Our results are quite consistent with a similar study of the large GH13 family (
Stam et al. 2006). GH13 is an enormous family of over 2,500 enzymes that include 26 different functions that are indicated by different EC numbers. The Stam study used a variety of methods to cluster those enzymes into 35 subfamilies that were entirely consistent with subtrees of an unrooted NJ tree of GH13. Most of the subfamilies were monospecific, that is, included only one experimentally determined EC number, whereas a few included enzymes with two closely related functions. They concluded that “assignment to a subfamily is a considerable step toward improved functional prediction. However, because not all subfamilies have a biochemical(ly) characterized member and because a significant number of sequences are not included in subfamilies, errors or imprecision are still possible during unsupervised automated genomic annotation.”

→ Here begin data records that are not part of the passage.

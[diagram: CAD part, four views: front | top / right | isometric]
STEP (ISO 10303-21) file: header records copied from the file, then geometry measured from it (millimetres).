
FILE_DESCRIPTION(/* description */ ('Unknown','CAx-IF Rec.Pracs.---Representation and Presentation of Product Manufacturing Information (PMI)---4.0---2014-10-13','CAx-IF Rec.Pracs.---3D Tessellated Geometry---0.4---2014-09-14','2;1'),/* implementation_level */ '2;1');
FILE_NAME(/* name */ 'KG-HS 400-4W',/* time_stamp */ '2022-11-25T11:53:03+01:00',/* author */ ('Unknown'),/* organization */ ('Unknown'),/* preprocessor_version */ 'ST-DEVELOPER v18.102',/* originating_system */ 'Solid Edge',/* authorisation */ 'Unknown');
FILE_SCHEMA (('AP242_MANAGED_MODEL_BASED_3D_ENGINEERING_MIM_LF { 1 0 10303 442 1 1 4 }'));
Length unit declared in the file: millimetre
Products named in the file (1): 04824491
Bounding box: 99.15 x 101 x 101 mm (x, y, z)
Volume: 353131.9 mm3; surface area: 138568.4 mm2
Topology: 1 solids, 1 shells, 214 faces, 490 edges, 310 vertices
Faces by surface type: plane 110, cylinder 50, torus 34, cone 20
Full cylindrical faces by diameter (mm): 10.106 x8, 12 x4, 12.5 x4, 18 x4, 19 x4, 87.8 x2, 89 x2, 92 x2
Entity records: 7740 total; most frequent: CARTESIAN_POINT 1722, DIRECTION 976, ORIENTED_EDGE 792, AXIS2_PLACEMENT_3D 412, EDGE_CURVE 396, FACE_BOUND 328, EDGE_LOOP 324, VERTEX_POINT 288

Practical considerations make it clear that sequencing will continue to outpace our ability to obtain direct experimental evidence for enzyme activities. It therefore behooves us to consider how best to use sequence information to maximize our confidence in estimating enzyme function and specificity. This study makes it clear that simple grouping on the basis of similarity of sequence motifs is an insufficient criterion. Automatic documentation algorithms sometimes make incorrect assignments, sometimes make unjustified assignments, and sometimes fail to make assignments that can be justified. Likewise active-site motif sequences (as we describe here) although perhaps indicative are nevertheless insufficient to assign enzyme function and specificity. Phylogenetic analysis is, so far, a reliable guide to function.
When phylogenetic analysis is used conservatively (as we have done) to assign specificity, there are no cases in which experimental evidence conflicts with phylogenetic assignment. Although we cannot hope to determine the functions of all the 201 GH4 enzymes considered here, consideration of the active-site motif together with phylogenetic analysis can serve as a guide to choosing enzymes for biochemical analysis. The speed and ease of modern DNA-sequencing technology can easily lead to a “stamp-collecting” approach in which genomes are sequenced for the sake of enlarging a collection, and the annotations serve as a dry catalog of that collection. Genome sequences and their annotations should serve as a guide to interesting problems and to the design of experiments, which will augment our understanding of biological processes. To achieve these aims, automated annotation “pipelines” will need to develop along the lines of expert systems that will include the phylogenetic analysis (not just clustering) of genes and that will integrate such analyses with functional motifs and other bioinformatic data.